WHAT IS BEING ASKED: The required output is the lines of the listing from the beginning through the line containing "SurfaceFinish: ENIG; SoldermaskColor: Blue;", each copied exactly, without any pictures.

TASK DATA:
■ ■ ■ ■ ■ ■ ■

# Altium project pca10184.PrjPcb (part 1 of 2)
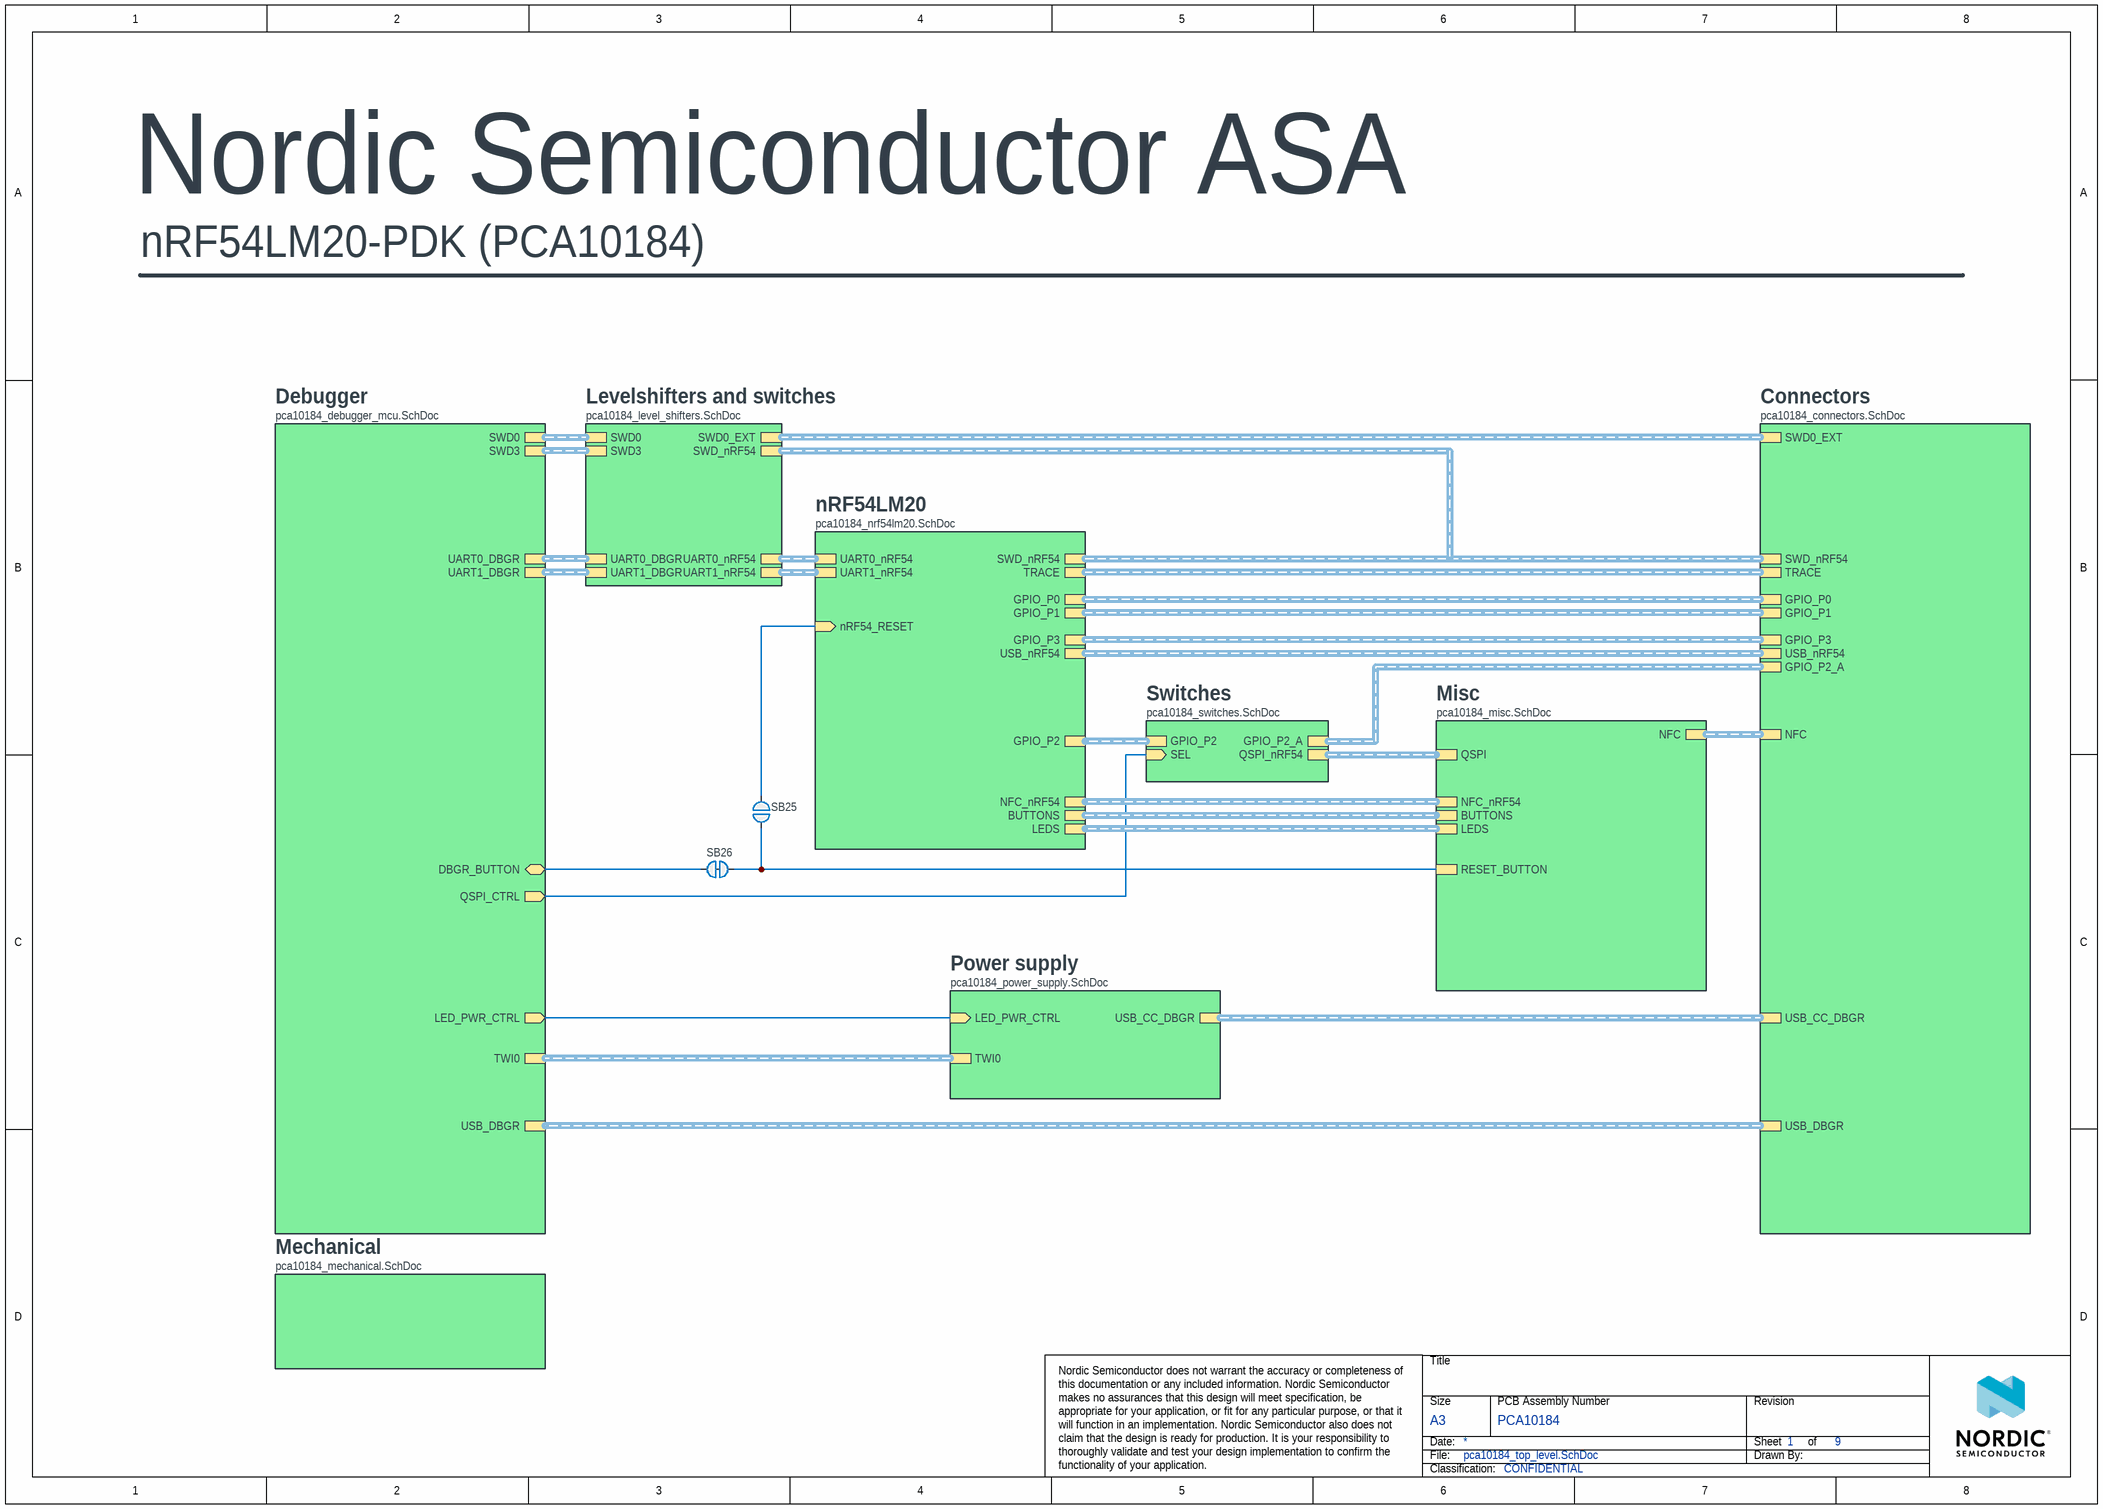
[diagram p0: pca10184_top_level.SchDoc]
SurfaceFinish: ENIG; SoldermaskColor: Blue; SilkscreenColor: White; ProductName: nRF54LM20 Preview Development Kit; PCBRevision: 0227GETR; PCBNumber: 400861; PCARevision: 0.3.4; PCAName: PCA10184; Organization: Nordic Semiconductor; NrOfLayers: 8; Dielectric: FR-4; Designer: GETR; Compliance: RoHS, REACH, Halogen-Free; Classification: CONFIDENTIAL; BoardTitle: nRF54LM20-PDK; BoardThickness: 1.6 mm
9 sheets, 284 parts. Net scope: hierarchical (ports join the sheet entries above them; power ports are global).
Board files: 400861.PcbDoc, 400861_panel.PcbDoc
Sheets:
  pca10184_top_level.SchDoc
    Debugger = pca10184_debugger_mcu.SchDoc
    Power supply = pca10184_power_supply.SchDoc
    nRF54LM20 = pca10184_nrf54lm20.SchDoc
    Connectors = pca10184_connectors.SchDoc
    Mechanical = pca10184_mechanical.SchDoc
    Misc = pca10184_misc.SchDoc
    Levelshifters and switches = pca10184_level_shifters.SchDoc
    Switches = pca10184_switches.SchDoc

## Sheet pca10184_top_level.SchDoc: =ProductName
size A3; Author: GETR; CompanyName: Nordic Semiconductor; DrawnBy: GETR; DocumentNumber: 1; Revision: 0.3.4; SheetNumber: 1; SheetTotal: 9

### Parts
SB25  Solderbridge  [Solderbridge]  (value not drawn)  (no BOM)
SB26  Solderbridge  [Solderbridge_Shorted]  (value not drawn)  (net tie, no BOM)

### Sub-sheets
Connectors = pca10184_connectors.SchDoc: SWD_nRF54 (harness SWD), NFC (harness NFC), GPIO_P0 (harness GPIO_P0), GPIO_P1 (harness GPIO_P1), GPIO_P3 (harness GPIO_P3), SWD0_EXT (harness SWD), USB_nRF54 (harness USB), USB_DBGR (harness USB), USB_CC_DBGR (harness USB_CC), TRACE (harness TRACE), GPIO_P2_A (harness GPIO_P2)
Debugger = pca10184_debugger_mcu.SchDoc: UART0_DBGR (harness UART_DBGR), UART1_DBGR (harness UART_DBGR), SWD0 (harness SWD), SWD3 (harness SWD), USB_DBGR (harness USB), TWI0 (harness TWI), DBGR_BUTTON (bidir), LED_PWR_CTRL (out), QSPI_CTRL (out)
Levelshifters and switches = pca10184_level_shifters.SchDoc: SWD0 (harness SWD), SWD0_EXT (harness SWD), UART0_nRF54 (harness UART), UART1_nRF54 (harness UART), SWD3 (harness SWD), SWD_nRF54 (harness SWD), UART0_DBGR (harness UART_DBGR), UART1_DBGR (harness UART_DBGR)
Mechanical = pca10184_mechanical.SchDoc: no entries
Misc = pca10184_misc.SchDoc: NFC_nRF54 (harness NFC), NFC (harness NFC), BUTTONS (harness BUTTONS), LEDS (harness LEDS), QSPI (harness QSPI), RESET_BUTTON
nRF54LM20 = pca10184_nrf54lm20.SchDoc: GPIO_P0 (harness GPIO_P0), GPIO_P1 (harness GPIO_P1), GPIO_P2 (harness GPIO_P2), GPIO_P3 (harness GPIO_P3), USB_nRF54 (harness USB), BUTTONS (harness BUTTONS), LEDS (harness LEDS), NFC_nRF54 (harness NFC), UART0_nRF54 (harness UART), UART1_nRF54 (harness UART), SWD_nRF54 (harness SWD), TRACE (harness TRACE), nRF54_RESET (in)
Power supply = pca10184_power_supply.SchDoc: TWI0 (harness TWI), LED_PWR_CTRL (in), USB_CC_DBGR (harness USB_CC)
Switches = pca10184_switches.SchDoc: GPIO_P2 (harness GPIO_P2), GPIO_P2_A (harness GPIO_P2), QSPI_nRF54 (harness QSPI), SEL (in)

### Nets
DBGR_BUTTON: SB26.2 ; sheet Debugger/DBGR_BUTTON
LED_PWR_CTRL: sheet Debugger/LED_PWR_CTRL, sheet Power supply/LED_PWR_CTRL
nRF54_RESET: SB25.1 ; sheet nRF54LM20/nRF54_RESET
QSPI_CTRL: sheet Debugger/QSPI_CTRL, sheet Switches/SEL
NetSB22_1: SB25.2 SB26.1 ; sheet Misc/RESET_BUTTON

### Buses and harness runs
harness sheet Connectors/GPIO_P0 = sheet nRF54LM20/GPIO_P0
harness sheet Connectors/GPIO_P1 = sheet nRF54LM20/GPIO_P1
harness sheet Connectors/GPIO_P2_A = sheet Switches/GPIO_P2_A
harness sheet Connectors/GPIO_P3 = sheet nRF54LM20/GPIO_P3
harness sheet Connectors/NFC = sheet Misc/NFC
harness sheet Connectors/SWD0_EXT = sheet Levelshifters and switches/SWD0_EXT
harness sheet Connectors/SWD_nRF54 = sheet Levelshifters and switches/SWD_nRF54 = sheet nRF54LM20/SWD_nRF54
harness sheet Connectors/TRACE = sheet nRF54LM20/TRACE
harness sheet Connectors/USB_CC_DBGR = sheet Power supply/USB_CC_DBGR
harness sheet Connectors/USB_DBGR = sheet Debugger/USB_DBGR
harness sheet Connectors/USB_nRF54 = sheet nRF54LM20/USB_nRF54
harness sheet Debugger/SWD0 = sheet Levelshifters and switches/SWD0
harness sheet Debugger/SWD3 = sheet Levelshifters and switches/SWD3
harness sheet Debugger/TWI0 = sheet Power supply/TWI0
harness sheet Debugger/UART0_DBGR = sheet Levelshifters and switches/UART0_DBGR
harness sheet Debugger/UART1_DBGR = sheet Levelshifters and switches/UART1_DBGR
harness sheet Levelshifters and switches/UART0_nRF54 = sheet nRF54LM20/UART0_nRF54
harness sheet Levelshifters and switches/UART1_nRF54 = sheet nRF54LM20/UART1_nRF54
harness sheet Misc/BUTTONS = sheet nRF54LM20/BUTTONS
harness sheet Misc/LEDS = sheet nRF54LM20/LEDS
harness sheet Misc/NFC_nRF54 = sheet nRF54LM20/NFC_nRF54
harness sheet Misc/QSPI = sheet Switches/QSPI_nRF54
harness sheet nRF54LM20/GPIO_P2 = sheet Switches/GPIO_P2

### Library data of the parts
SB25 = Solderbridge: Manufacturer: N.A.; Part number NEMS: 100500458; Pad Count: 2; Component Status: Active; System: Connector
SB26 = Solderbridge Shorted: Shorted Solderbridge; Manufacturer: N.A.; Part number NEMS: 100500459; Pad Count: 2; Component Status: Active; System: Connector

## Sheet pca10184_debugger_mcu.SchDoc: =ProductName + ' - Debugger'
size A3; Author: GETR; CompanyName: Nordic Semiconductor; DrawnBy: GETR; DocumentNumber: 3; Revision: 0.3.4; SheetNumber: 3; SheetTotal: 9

■ ■ ■ ■ ■ ■ ■

RESULT OF THIS EXERCISE:
# Altium project pca10184.PrjPcb (part 1 of 2)
[diagram p0: pca10184_top_level.SchDoc]
SurfaceFinish: ENIG; SoldermaskColor: Blue; SilkscreenColor: White; ProductName: nRF54LM20 Preview Development Kit; PCBRevision: 0227GETR; PCBNumber: 400861; PCARevision: 0.3.4; PCAName: PCA10184; Organization: Nordic Semiconductor; NrOfLayers: 8; Dielectric: FR-4; Designer: GETR; Compliance: RoHS, REACH, Halogen-Free; Classification: CONFIDENTIAL; BoardTitle: nRF54LM20-PDK; BoardThickness: 1.6 mm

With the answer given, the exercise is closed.